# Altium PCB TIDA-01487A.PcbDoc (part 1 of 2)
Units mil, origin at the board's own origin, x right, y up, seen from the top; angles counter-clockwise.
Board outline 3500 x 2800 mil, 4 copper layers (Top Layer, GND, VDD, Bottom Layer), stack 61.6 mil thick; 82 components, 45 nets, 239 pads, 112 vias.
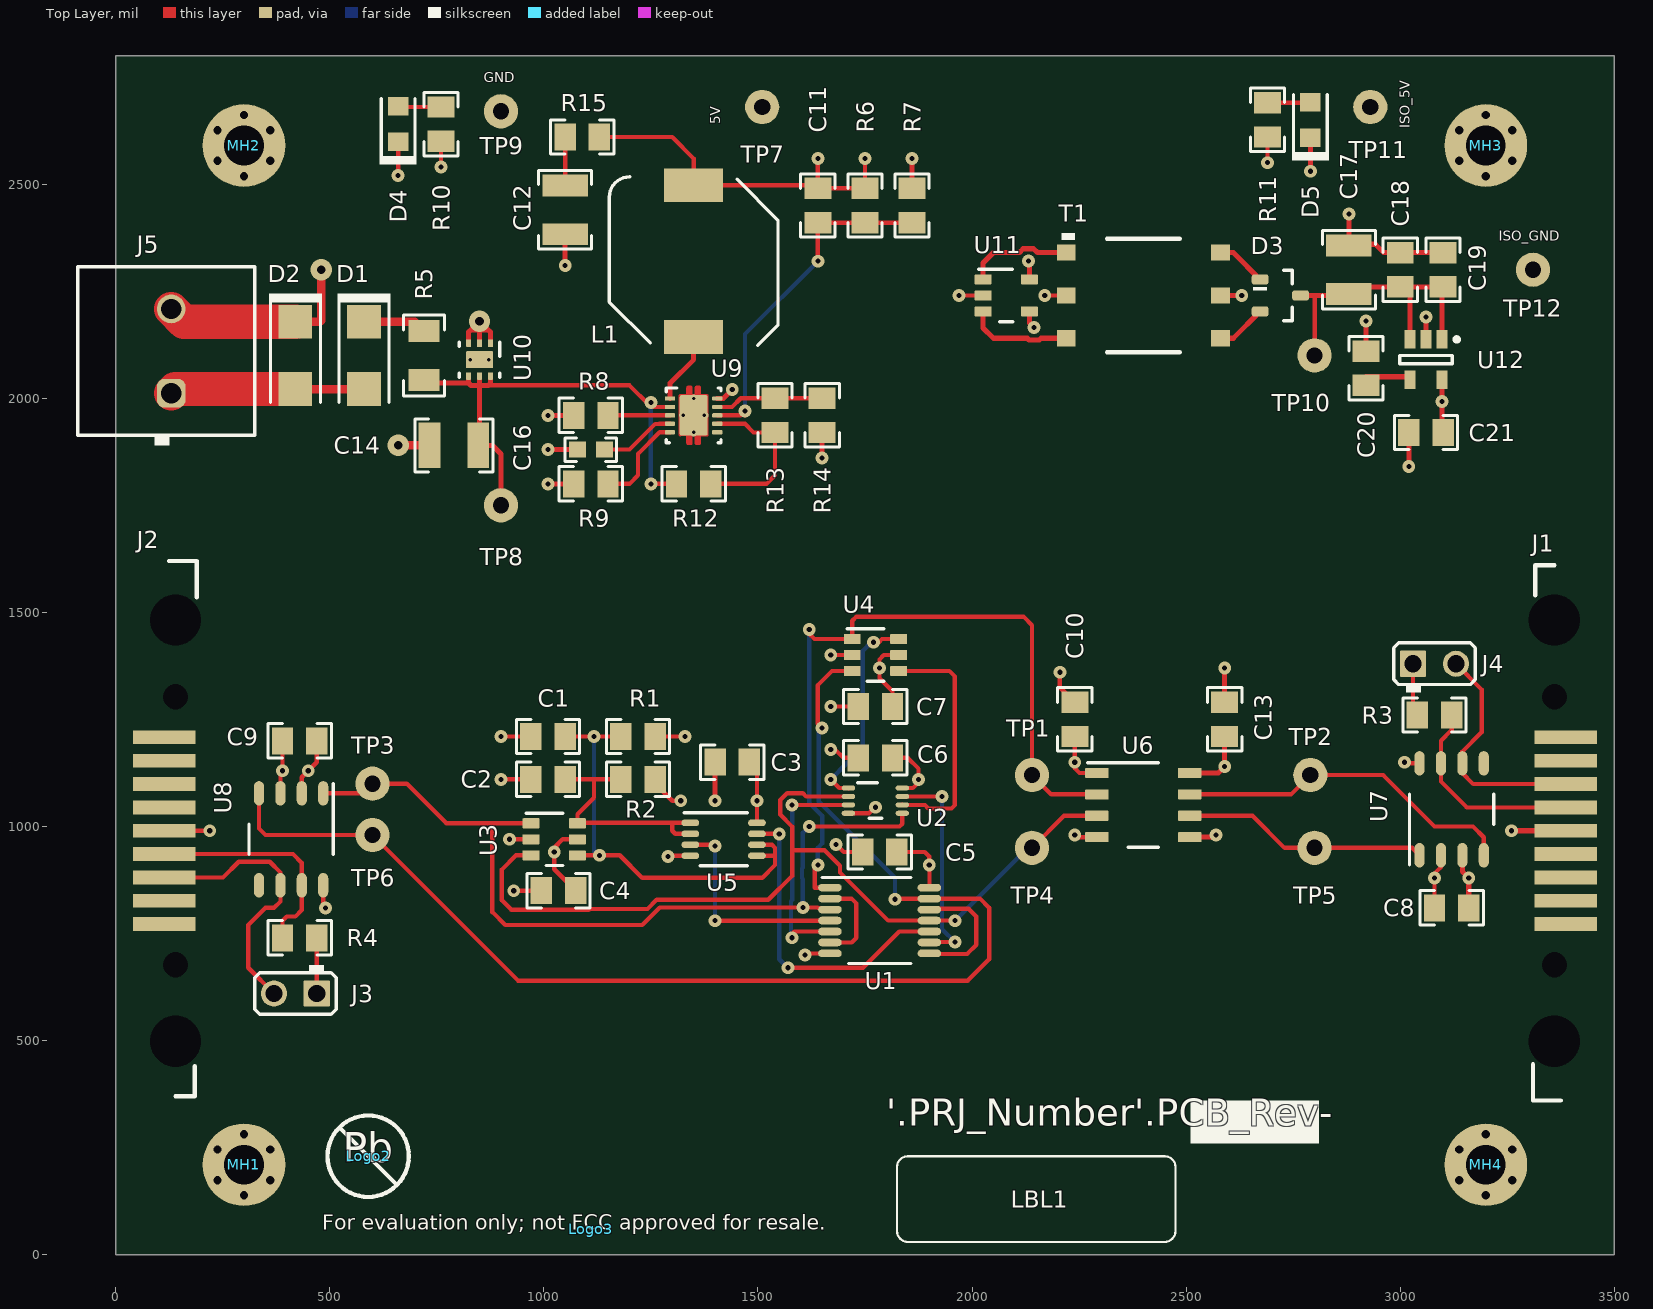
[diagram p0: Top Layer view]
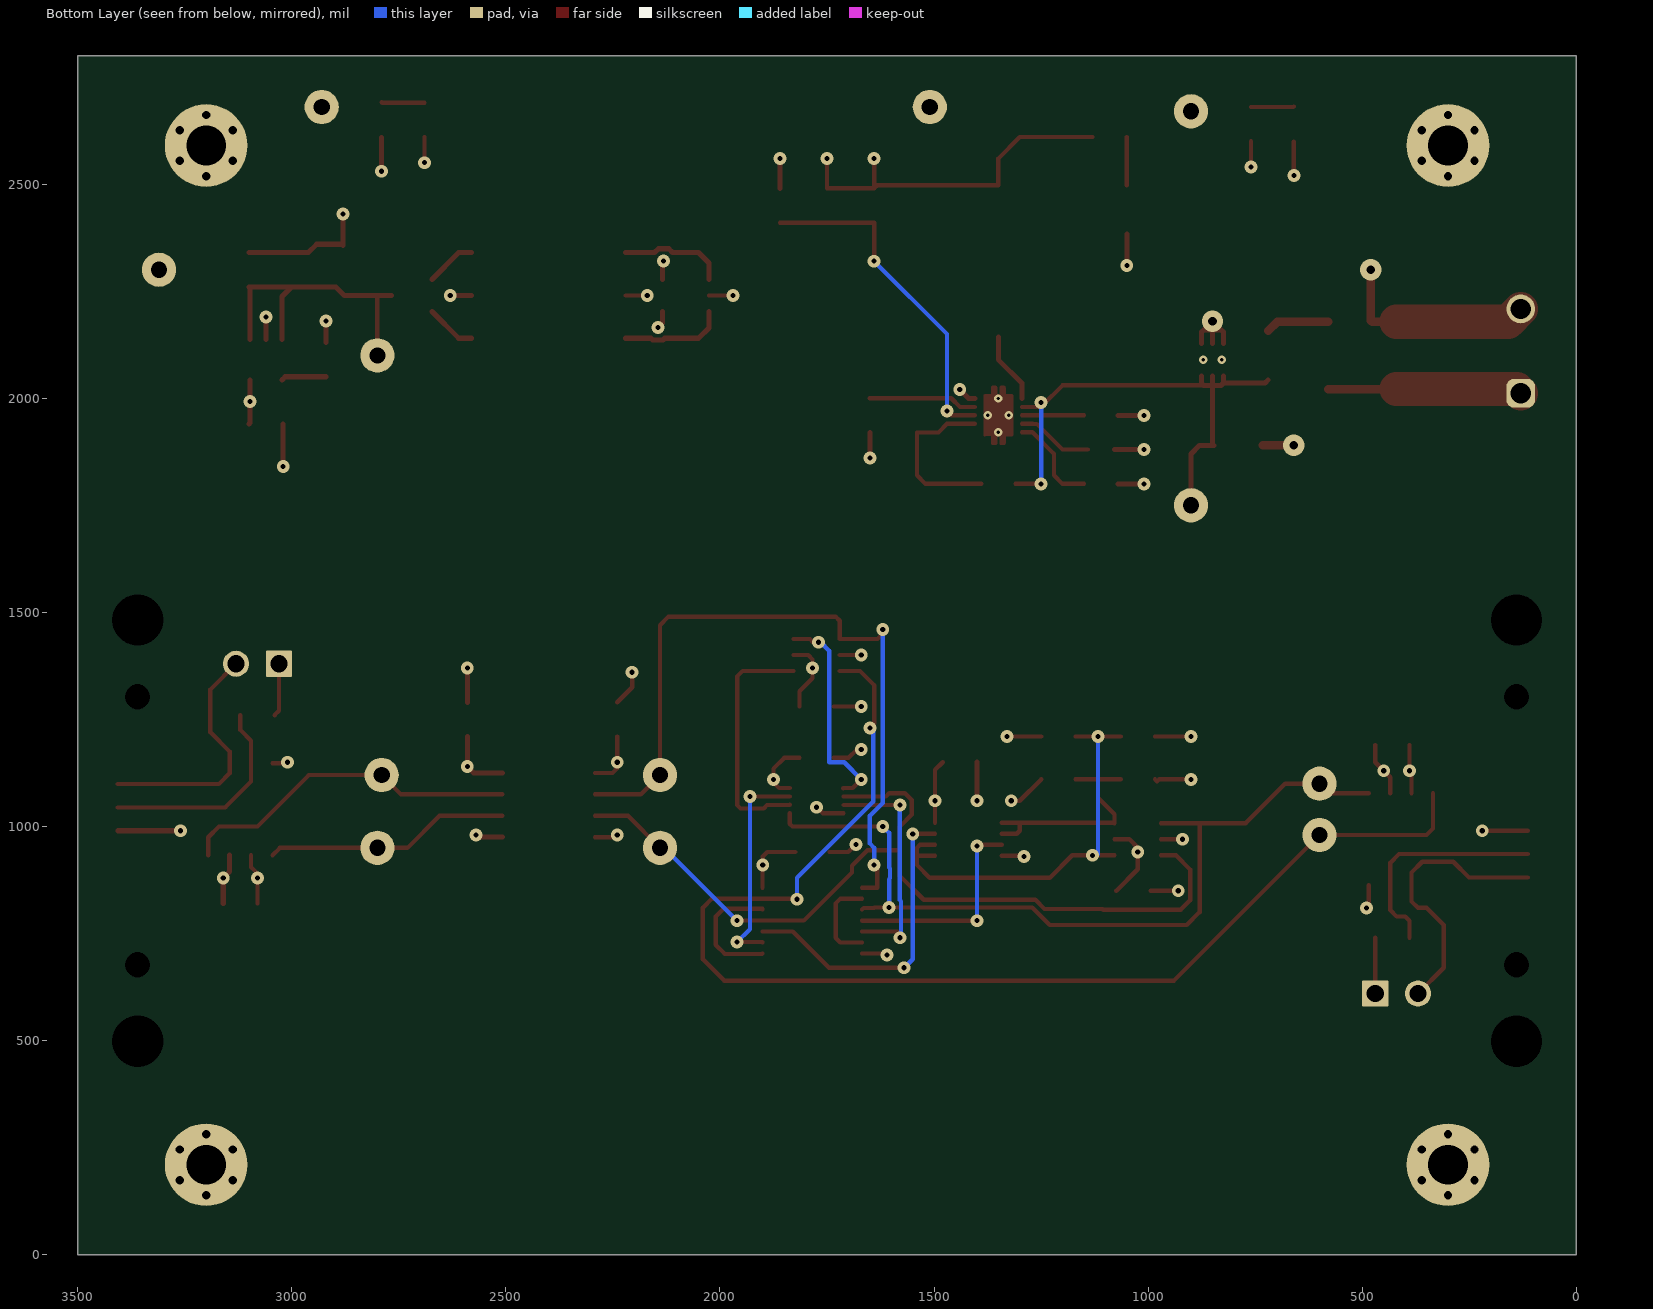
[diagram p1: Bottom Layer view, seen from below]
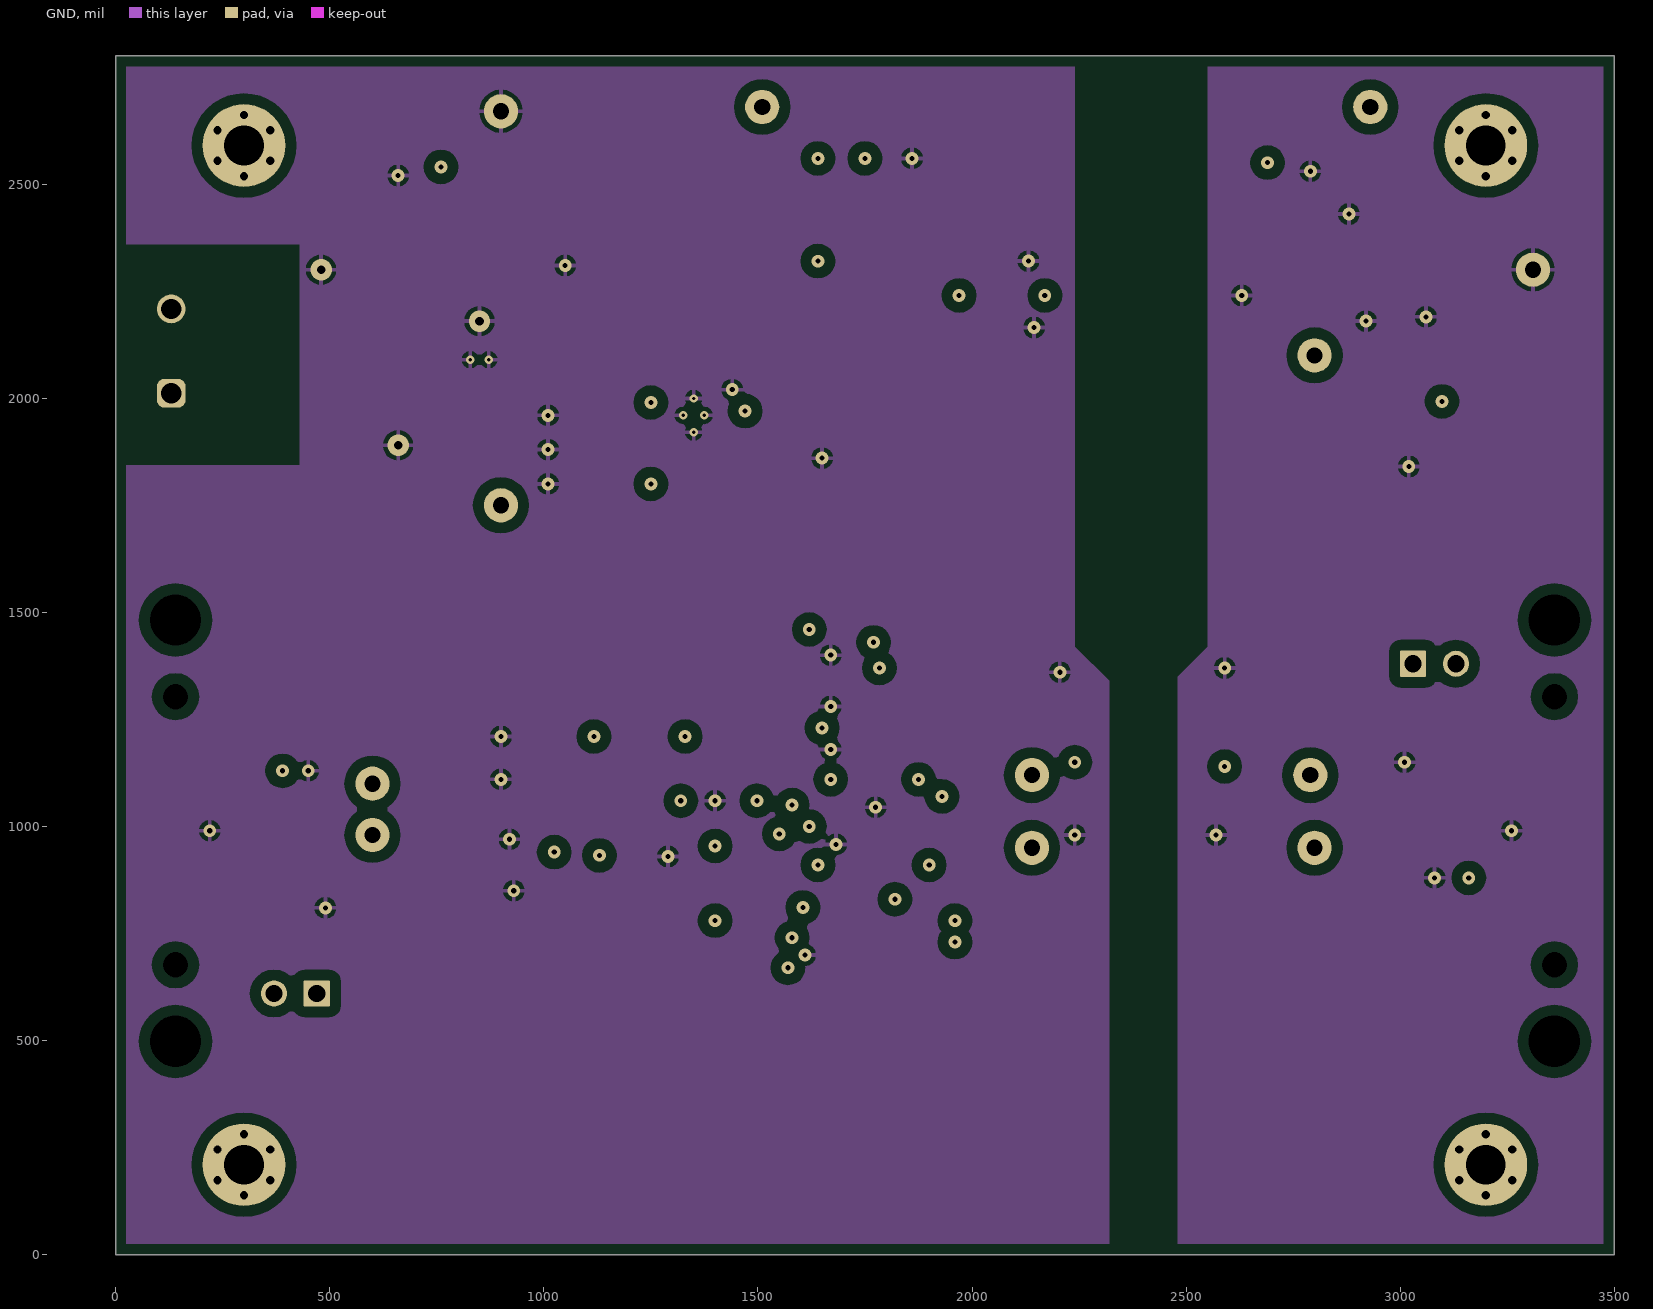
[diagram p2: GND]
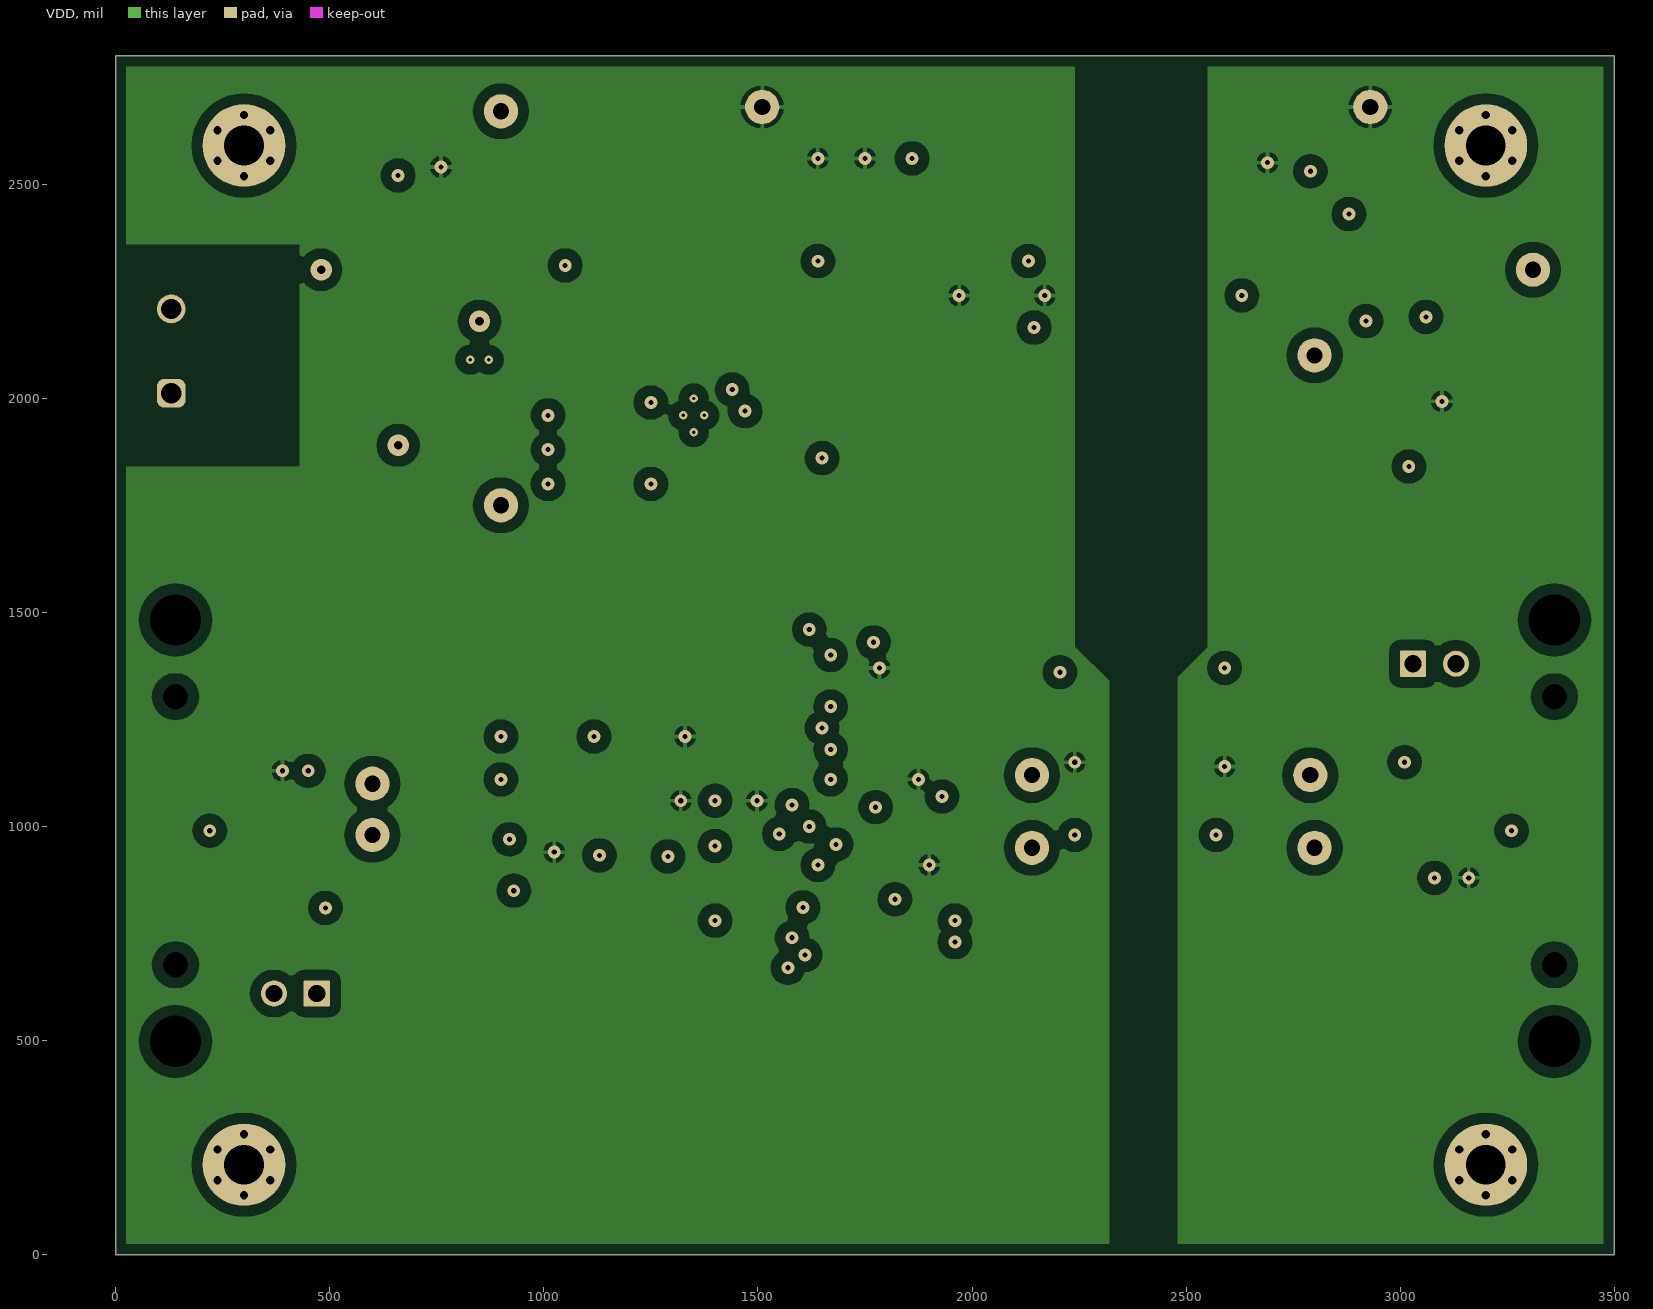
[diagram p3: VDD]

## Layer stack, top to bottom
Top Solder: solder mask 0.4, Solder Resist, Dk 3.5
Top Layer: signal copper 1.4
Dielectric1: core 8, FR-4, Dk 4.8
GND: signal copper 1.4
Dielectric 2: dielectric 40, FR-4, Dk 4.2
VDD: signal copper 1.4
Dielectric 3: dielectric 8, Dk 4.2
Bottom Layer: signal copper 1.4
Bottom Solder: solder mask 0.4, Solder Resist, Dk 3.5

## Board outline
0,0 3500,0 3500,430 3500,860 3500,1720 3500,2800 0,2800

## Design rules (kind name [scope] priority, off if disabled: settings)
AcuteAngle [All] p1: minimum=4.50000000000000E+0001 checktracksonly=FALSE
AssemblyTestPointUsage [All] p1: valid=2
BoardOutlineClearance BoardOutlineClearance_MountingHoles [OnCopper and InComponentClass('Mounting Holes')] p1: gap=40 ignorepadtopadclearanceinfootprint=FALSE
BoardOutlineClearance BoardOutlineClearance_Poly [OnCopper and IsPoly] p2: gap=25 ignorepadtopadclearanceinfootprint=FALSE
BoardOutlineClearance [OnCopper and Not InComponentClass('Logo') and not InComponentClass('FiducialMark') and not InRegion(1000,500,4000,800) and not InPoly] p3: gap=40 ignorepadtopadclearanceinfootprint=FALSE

▸ PROBLEM DESCRIPTION
Transcribe the listing above verbatim. Omit the pictures.

▸ SOLUTION FOR THIS TASK
# Altium PCB TIDA-01487A.PcbDoc (part 1 of 2)
Units mil, origin at the board's own origin, x right, y up, seen from the top; angles counter-clockwise.
Board outline 3500 x 2800 mil, 4 copper layers (Top Layer, GND, VDD, Bottom Layer), stack 61.6 mil thick; 82 components, 45 nets, 239 pads, 112 vias.
[diagram p0: Top Layer view]
[diagram p1: Bottom Layer view, seen from below]
[diagram p2: GND]
[diagram p3: VDD]

## Layer stack, top to bottom
Top Solder: solder mask 0.4, Solder Resist, Dk 3.5
Top Layer: signal copper 1.4
Dielectric1: core 8, FR-4, Dk 4.8
GND: signal copper 1.4
Dielectric 2: dielectric 40, FR-4, Dk 4.2
VDD: signal copper 1.4
Dielectric 3: dielectric 8, Dk 4.2
Bottom Layer: signal copper 1.4
Bottom Solder: solder mask 0.4, Solder Resist, Dk 3.5

## Board outline
0,0 3500,0 3500,430 3500,860 3500,1720 3500,2800 0,2800

## Design rules (kind name [scope] priority, off if disabled: settings)
AcuteAngle [All] p1: minimum=4.50000000000000E+0001 checktracksonly=FALSE
AssemblyTestPointUsage [All] p1: valid=2
BoardOutlineClearance BoardOutlineClearance_MountingHoles [OnCopper and InComponentClass('Mounting Holes')] p1: gap=40 ignorepadtopadclearanceinfootprint=FALSE
BoardOutlineClearance BoardOutlineClearance_Poly [OnCopper and IsPoly] p2: gap=25 ignorepadtopadclearanceinfootprint=FALSE
BoardOutlineClearance [OnCopper and Not InComponentClass('Logo') and not InComponentClass('FiducialMark') and not InRegion(1000,500,4000,800) and not InPoly] p3: gap=40 ignorepadtopadclearanceinfootprint=FALSE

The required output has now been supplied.